We will use a simple feature branching model:

*   **`main` branch:** This is our stable branch. Code here should always be production-ready (or assignment-ready). Direct commits to `main` are disallowed, similarily to force pushes.
*   **Feature Branches:** For every new feature, bug fix, or distinct task, create a new branch off of `main`.
    *   **Naming Convention:** Use descriptive names like `feature/add-new-viz`, `bugfix/fix-auth-error`, or `task/explore-dataset-x`.
    *   **Who Creates:** Any team member starting a new task creates a new branch.
    *   **When to Merge:** Merge back to `main` only after the work is complete, reviewed, and approved via a Pull Request. We will each review the submitted code to help alieviate any issues.
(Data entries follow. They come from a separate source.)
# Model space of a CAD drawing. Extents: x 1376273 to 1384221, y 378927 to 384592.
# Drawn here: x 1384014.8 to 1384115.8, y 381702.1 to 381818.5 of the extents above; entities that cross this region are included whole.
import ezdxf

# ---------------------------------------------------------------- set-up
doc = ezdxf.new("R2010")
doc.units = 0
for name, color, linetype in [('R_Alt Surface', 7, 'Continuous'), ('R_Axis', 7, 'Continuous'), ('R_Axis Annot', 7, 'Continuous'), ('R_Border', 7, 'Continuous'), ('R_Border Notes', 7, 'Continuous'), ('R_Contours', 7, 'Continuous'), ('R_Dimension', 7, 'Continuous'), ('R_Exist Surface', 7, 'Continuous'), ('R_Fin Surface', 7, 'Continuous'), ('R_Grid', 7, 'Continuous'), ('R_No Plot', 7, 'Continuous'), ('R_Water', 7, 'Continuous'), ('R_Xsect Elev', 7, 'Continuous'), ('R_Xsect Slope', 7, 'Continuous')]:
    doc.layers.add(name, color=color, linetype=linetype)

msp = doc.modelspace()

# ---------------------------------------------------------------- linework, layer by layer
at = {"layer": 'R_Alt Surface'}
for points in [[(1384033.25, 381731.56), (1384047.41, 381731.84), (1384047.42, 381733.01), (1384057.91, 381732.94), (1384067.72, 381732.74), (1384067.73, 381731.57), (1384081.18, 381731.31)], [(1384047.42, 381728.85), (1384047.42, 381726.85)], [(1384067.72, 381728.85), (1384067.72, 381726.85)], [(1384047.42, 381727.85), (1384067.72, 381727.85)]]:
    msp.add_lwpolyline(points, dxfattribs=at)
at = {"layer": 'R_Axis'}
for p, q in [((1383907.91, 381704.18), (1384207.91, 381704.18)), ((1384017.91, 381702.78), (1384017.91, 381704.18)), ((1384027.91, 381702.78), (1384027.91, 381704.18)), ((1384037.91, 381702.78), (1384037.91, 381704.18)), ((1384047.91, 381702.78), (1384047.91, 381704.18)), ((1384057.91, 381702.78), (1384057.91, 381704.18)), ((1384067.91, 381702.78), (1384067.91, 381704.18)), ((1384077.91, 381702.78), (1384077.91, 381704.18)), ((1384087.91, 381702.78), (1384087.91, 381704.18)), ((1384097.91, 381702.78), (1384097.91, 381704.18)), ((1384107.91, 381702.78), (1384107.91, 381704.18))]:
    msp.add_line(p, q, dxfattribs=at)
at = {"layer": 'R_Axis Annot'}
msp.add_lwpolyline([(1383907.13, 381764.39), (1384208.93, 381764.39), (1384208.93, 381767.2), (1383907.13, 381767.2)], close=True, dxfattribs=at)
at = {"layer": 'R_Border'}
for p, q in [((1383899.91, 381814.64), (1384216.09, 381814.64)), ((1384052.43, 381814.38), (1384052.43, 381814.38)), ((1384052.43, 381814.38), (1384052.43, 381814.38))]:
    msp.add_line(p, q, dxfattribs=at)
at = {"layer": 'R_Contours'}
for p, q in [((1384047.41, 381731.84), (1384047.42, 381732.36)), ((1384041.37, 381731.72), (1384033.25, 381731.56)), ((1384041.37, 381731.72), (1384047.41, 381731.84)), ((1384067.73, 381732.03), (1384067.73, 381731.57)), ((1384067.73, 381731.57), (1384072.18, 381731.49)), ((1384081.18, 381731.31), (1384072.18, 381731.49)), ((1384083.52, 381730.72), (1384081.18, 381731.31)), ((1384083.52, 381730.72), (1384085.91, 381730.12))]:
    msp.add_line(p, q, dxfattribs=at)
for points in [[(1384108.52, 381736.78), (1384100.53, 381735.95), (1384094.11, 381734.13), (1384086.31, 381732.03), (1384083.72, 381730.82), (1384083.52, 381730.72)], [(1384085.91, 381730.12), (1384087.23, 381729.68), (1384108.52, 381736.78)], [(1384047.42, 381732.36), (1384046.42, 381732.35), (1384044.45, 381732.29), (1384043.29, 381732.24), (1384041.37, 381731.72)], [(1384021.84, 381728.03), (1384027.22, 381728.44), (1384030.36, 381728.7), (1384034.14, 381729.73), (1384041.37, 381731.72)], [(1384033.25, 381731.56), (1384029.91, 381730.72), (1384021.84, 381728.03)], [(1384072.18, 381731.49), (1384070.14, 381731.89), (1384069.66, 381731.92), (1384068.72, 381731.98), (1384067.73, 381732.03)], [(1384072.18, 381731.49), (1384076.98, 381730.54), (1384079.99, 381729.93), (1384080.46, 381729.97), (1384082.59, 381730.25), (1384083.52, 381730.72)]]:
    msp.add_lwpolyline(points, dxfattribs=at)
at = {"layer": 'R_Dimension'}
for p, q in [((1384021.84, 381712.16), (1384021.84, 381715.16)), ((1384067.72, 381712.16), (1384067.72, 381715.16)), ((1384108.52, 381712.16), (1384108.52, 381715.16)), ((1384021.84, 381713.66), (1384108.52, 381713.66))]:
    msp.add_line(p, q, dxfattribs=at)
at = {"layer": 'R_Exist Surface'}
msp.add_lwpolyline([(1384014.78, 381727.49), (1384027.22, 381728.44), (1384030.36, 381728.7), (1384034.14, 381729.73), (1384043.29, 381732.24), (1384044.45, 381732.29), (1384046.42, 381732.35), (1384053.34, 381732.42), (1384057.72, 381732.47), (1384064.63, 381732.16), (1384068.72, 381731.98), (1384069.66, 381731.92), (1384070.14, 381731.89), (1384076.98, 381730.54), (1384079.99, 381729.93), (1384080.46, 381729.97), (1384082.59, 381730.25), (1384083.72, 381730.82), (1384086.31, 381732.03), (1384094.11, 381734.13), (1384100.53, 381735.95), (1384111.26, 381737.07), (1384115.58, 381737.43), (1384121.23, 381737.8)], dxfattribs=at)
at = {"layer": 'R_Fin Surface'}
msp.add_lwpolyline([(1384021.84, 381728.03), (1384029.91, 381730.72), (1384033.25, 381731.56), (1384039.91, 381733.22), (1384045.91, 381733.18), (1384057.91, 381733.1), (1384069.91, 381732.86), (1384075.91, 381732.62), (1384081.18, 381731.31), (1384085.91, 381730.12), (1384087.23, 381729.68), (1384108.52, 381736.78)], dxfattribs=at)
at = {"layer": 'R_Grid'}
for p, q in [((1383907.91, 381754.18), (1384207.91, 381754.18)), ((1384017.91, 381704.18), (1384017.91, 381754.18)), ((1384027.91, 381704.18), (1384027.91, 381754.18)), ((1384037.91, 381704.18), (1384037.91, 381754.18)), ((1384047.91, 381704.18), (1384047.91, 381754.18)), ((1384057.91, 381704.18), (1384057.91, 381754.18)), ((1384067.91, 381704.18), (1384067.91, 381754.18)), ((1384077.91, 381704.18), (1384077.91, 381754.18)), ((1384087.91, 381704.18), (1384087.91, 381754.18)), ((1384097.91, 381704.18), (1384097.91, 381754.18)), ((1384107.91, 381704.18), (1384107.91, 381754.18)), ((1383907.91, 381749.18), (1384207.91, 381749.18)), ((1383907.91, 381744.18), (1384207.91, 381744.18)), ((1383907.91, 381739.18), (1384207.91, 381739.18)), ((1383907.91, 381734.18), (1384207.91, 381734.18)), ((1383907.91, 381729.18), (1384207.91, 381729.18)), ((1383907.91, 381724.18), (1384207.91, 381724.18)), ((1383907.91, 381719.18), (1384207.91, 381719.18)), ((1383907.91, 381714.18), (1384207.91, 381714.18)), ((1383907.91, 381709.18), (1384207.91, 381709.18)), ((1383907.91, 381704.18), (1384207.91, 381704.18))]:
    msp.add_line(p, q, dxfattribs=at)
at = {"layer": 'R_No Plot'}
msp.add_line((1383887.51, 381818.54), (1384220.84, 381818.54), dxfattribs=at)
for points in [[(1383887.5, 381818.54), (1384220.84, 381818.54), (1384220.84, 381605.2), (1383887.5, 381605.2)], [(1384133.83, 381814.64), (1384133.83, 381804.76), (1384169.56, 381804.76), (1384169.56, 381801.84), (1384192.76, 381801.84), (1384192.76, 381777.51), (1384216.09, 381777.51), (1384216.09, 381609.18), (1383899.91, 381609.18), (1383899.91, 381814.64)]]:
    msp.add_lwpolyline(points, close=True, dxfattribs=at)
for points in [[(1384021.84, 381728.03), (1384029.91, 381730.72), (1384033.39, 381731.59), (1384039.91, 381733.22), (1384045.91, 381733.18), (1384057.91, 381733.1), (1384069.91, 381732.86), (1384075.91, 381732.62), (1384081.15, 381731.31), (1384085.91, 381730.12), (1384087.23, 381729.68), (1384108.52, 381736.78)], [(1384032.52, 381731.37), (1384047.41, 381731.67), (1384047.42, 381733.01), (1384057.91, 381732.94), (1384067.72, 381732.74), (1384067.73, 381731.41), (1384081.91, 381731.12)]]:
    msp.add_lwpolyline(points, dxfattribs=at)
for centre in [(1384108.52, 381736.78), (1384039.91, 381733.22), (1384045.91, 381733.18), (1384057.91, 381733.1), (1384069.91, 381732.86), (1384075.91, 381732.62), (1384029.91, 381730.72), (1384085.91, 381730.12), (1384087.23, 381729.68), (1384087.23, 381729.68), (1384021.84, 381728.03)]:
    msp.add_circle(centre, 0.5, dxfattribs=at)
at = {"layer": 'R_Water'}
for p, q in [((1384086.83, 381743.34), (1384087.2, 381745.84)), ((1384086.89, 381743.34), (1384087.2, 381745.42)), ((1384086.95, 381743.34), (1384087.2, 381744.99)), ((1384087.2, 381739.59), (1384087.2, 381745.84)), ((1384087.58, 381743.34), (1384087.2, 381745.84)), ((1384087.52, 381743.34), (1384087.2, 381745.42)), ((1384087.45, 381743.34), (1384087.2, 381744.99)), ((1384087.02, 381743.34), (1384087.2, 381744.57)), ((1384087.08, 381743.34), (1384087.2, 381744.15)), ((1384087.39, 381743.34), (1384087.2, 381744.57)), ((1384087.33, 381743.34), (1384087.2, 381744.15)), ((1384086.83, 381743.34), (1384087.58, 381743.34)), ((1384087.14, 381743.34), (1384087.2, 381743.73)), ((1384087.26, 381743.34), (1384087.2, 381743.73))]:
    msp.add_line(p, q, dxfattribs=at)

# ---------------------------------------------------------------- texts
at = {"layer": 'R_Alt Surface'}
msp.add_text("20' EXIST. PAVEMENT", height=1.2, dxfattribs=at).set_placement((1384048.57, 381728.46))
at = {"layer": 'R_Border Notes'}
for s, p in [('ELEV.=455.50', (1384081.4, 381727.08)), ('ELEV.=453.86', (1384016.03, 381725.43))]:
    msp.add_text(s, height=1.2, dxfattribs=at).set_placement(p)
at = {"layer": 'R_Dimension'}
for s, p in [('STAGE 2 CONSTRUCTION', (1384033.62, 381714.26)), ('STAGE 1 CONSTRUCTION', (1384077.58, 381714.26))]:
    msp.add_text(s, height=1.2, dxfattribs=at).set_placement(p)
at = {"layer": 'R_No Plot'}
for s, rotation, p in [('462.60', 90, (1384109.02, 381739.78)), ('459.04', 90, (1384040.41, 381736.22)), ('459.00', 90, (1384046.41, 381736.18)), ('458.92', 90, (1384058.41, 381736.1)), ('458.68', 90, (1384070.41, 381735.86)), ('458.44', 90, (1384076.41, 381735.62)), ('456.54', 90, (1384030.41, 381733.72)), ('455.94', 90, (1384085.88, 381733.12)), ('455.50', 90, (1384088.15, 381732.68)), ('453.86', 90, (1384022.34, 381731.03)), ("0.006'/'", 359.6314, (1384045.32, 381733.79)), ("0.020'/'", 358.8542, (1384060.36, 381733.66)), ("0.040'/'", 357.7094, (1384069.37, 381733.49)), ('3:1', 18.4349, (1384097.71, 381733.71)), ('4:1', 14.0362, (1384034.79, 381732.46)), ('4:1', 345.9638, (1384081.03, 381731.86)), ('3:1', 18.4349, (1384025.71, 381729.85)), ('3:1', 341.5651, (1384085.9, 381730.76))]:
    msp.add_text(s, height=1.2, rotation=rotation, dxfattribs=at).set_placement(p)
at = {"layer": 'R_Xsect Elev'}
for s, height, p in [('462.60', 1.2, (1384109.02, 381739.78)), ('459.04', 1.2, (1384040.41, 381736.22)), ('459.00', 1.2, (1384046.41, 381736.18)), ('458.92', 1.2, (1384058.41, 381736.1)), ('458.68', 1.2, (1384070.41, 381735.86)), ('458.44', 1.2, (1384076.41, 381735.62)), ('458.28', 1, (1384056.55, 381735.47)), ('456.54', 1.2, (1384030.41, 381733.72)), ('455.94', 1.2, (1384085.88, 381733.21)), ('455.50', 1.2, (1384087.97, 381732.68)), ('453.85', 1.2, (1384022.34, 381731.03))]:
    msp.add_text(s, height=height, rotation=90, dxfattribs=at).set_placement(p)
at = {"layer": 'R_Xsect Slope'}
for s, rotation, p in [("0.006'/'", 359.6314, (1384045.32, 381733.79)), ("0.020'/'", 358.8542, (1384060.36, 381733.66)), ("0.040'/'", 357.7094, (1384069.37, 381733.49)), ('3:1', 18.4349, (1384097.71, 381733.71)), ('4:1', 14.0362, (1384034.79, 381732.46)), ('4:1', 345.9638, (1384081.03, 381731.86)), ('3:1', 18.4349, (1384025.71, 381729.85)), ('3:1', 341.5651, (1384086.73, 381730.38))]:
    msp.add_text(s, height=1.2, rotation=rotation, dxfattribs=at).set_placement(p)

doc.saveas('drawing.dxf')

## Colab ↔ BigQuery Quickstart

Here's a quick guide to connect Colab to BigQuery:

1.  **Authenticate:** Run this code to authenticate your Colab session with Google Cloud:

In [8]:
    #from google.cloud import bigquery
    #client = bigquery.Client(project="<YOUR_PROJECT_ID>")
    #sql = "SELECT * FROM `<YOUR_PROJECT_ID>.<YOUR_DATASET>.<YOUR_TABLE>` LIMIT 100" # Example query
    #df = client.query(sql).result().to_dataframe()
    #print("Rows returned:", len(df))


---
## Submission Checklist (to your team repo + Brightspace link)

- [ ] All **Reflection** sections completed (A1–A3, B1–B3, C1–C3, Capstone).
- [ ] Any code snippets pasted are **validated** and include a 1‑line explanation.
- [ ] Notebook runs top‑to‑bottom without errors (where code cells exist).
- [ ] Commit message: `week2.1-prompt-practice` and open a PR for review.
- [ ] Add this notebook path to your repo **README.md** under Week 2.1.